Task details> Only the lines from the one containing "lines w0.2: -1.55,-1.55" through the final line of the material below should be output, exactly as they stand.

Record extracts>
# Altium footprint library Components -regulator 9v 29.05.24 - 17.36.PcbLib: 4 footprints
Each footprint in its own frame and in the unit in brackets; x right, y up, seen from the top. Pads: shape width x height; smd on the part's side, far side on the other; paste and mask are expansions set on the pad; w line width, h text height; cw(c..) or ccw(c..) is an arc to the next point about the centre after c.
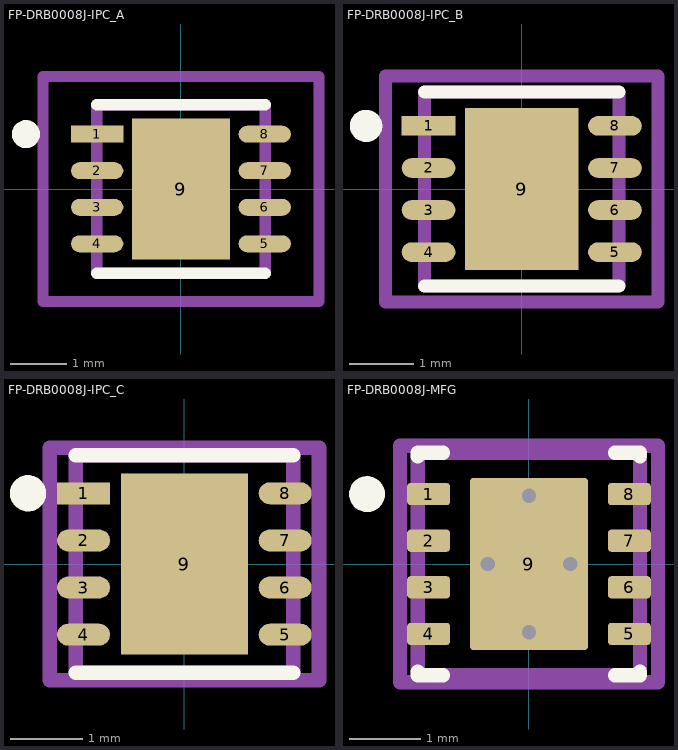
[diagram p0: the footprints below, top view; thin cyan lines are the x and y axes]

## FP-DRB0008J-IPC_A [mm]
pads (9):
  rect 0.931x0.302 smd paste+0 mask+0: 1(-1.491,0.975)
  rrect100% 0.931x0.302 smd paste+0 mask+0: 2(-1.491,0.325) 3(-1.491,-0.325) 4(-1.491,-0.975) 5(1.491,-0.975) 6(1.491,-0.325) 7(1.491,0.325) 8(1.491,0.975)
  rect 1.75x2.5 smd paste-1000 mask+0: 9(0,0)
Top Overlay:
  circle w0.25: c-2.756,0.975 r0.125
  lines w0.2: -1.5,-1.5 -1.5,-1.5 ; -1.5,-1.5 1.5,-1.5 ; -1.5,1.5 -1.5,1.5 ; -1.5,1.5 1.5,1.5 ; 1.5,-1.5 1.5,-1.5 ; 1.5,1.5 1.5,1.5
Top Paste:
  rectangle: -0.5,-0.875 0.5,0.875
Top Assembly:
  lines w0.2: -2.456,-2 2.456,-2 2.456,2 -2.456,2 -2.456,-2
  text ".Designator" at 0,-0.001 h1
Top 3D Body:
  lines w0.2: -1.5,-1.5 1.5,-1.5 1.5,1.5 -1.5,1.5 -1.5,-1.5
Top Courtyard:
  lines w0.2: -2.456,-2 2.456,-2 2.456,2 -2.456,2 -2.456,-2
Top Component Center:
  lines w0.1: -0.5,0 0.5,0 ; 0,-0.5 0,0.5
3D body "IC_Texas_Instruments_TLV76601QWDRBRQ1_eec.STEP": height 0.25, standoff 0, extent -2.456,-2 2.456,2

## FP-DRB0008J-IPC_B [mm]
pads (9):
  rect 0.831x0.302 smd paste+0 mask+0: 1(-1.441,0.975)
  rrect100% 0.831x0.302 smd paste+0 mask+0: 2(-1.441,0.325) 3(-1.441,-0.325) 4(-1.441,-0.975) 5(1.441,-0.975) 6(1.441,-0.325) 7(1.441,0.325) 8(1.441,0.975)
  rect 1.75x2.5 smd paste-1000 mask+0: 9(0,0)
Top Overlay:
  circle w0.25: c-2.406,0.975 r0.125
  lines w0.2: -1.5,-1.5 -1.5,-1.5 ; -1.5,-1.5 1.5,-1.5 ; -1.5,1.5 -1.5,1.5 ; -1.5,1.5 1.5,1.5 ; 1.5,-1.5 1.5,-1.5 ; 1.5,1.5 1.5,1.5
Top Paste:
  rectangle: -0.5,-0.875 0.5,0.875
Top Assembly:
  lines w0.2: -2.106,-1.75 2.106,-1.75 2.106,1.75 -2.106,1.75 -2.106,-1.75
  text ".Designator" at 0,-0.001 h1
Top 3D Body:
  lines w0.2: -1.5,-1.5 1.5,-1.5 1.5,1.5 -1.5,1.5 -1.5,-1.5
Top Courtyard:
  lines w0.2: -2.106,-1.75 2.106,-1.75 2.106,1.75 -2.106,1.75 -2.106,-1.75
Top Component Center:
  lines w0.1: -0.5,0 0.5,0 ; 0,-0.5 0,0.5
3D body "IC_Texas_Instruments_TLV76601QWDRBRQ1_eec.STEP": height 0.25, standoff 0, extent -2.106,-1.75 2.106,1.75

## FP-DRB0008J-IPC_C [mm]
pads (9):
  rect 0.731x0.302 smd paste+0 mask+0: 1(-1.391,0.975)
  rrect100% 0.731x0.302 smd paste+0 mask+0: 2(-1.391,0.325) 3(-1.391,-0.325) 4(-1.391,-0.975) 5(1.391,-0.975) 6(1.391,-0.325) 7(1.391,0.325) 8(1.391,0.975)
  rect 1.75x2.5 smd paste-1000 mask+0: 9(0,0)
Top Overlay:
  circle w0.25: c-2.156,0.975 r0.125
  lines w0.2: -1.5,-1.5 -1.5,-1.5 ; -1.5,-1.5 1.5,-1.5 ; -1.5,1.5 -1.5,1.5 ; -1.5,1.5 1.5,1.5 ; 1.5,-1.5 1.5,-1.5 ; 1.5,1.5 1.5,1.5
Top Paste:
  rectangle: -0.5,-0.875 0.5,0.875
Top Assembly:
  lines w0.2: -1.856,-1.6 1.856,-1.6 1.856,1.6 -1.856,1.6 -1.856,-1.6
  text ".Designator" at 0,-0.001 h1
Top 3D Body:
  lines w0.2: -1.5,-1.5 1.5,-1.5 1.5,1.5 -1.5,1.5 -1.5,-1.5
Top Courtyard:
  lines w0.2: -1.856,-1.6 1.856,-1.6 1.856,1.6 -1.856,1.6 -1.856,-1.6
Top Component Center:
  lines w0.1: -0.5,0 0.5,0 ; 0,-0.5 0,0.5
3D body "IC_Texas_Instruments_TLV76601QWDRBRQ1_eec.STEP": height 0.25, standoff 0, extent -1.856,-1.6 1.856,1.6

## FP-DRB0008J-MFG [mm]
pads (9):
  rrect32% 0.6x0.31 smd paste+0 mask+0: 1(-1.4,0.975) 2(-1.4,0.325) 3(-1.4,-0.325) 4(-1.4,-0.975) 5(1.4,-0.975) 6(1.4,-0.325) 7(1.4,0.325) 8(1.4,0.975)
  rrect6% 1.65x2.4 smd paste-1000 mask+0: 9(0,0)
via -0.575,0 diameter 0.5 hole 0.2
via 0.575,0 diameter 0.5 hole 0.2
via 0,0.95 diameter 0.5 hole 0.2
via 0,-0.95 diameter 0.5 hole 0.2
Top Overlay:
  circle w0.25: c-2.26,0.975 r0.125
  lines w0.2: -1.55,-1.505 -1.55,-1.55 -1.2,-1.55 ; -1.55,1.505 -1.55,1.55 -1.2,1.55 ; 1.2,-1.55 1.55,-1.55 1.55,-1.505 ; 1.2,1.55 1.55,1.55 1.55,1.505
Top Paste:
  region: -0.705,1.16 0.705,1.16 0.715,1.16 0.733,1.152 0.747,1.138 0.755,1.12 0.755,1.11 0.755,0.15 0.755,0.14 0.747,0.122 0.733,0.108 0.715,0.1 0.705,0.1 -0.705,0.1 -0.715,0.1 -0.733,0.108 -0.747,0.122 -0.755,0.14 -0.755,0.15 -0.755,1.11 -0.755,1.12 -0.747,1.138 -0.733,1.152 -0.715,1.16
  region: -0.755,-0.15 -0.755,-0.14 -0.747,-0.122 -0.733,-0.108 -0.715,-0.1 -0.705,-0.1 0.705,-0.1 0.715,-0.1 0.733,-0.108 0.747,-0.122 0.755,-0.14 0.755,-0.15 0.755,-1.11 0.755,-1.12 0.747,-1.138 0.733,-1.152 0.715,-1.16 0.705,-1.16 -0.705,-1.16 -0.715,-1.16 -0.733,-1.152 -0.747,-1.138 -0.755,-1.12 -0.755,-1.11
Top Assembly:
  lines w0.2: -1.8,-1.65 1.8,-1.65 1.8,1.65 -1.8,1.65 -1.8,-1.65
  text ".Designator" at 0,0.188 h1
Top 3D Body:
  lines w0.2: -1.55,-1.55 1.55,-1.55 1.55,1.55 -1.55,1.55 -1.55,-1.55
Top Courtyard:
  lines w0.2: -1.8,-1.65 1.8,-1.65 1.8,1.65 -1.8,1.65 -1.8,-1.65
Top Component Center:
  lines w0.1: -0.5,0 0.5,0 ; 0,-0.5 0,0.5
3D body "IC_Texas_Instruments_TLV76601QWDRBRQ1_eec.STEP": height 0.25, standoff 0, extent -1.8,-1.65 1.8,1.65

Solution>
  lines w0.2: -1.55,-1.55 1.55,-1.55 1.55,1.55 -1.55,1.55 -1.55,-1.55
Top Courtyard:
  lines w0.2: -1.8,-1.65 1.8,-1.65 1.8,1.65 -1.8,1.65 -1.8,-1.65
Top Component Center:
  lines w0.1: -0.5,0 0.5,0 ; 0,-0.5 0,0.5
3D body "IC_Texas_Instruments_TLV76601QWDRBRQ1_eec.STEP": height 0.25, standoff 0, extent -1.8,-1.65 1.8,1.65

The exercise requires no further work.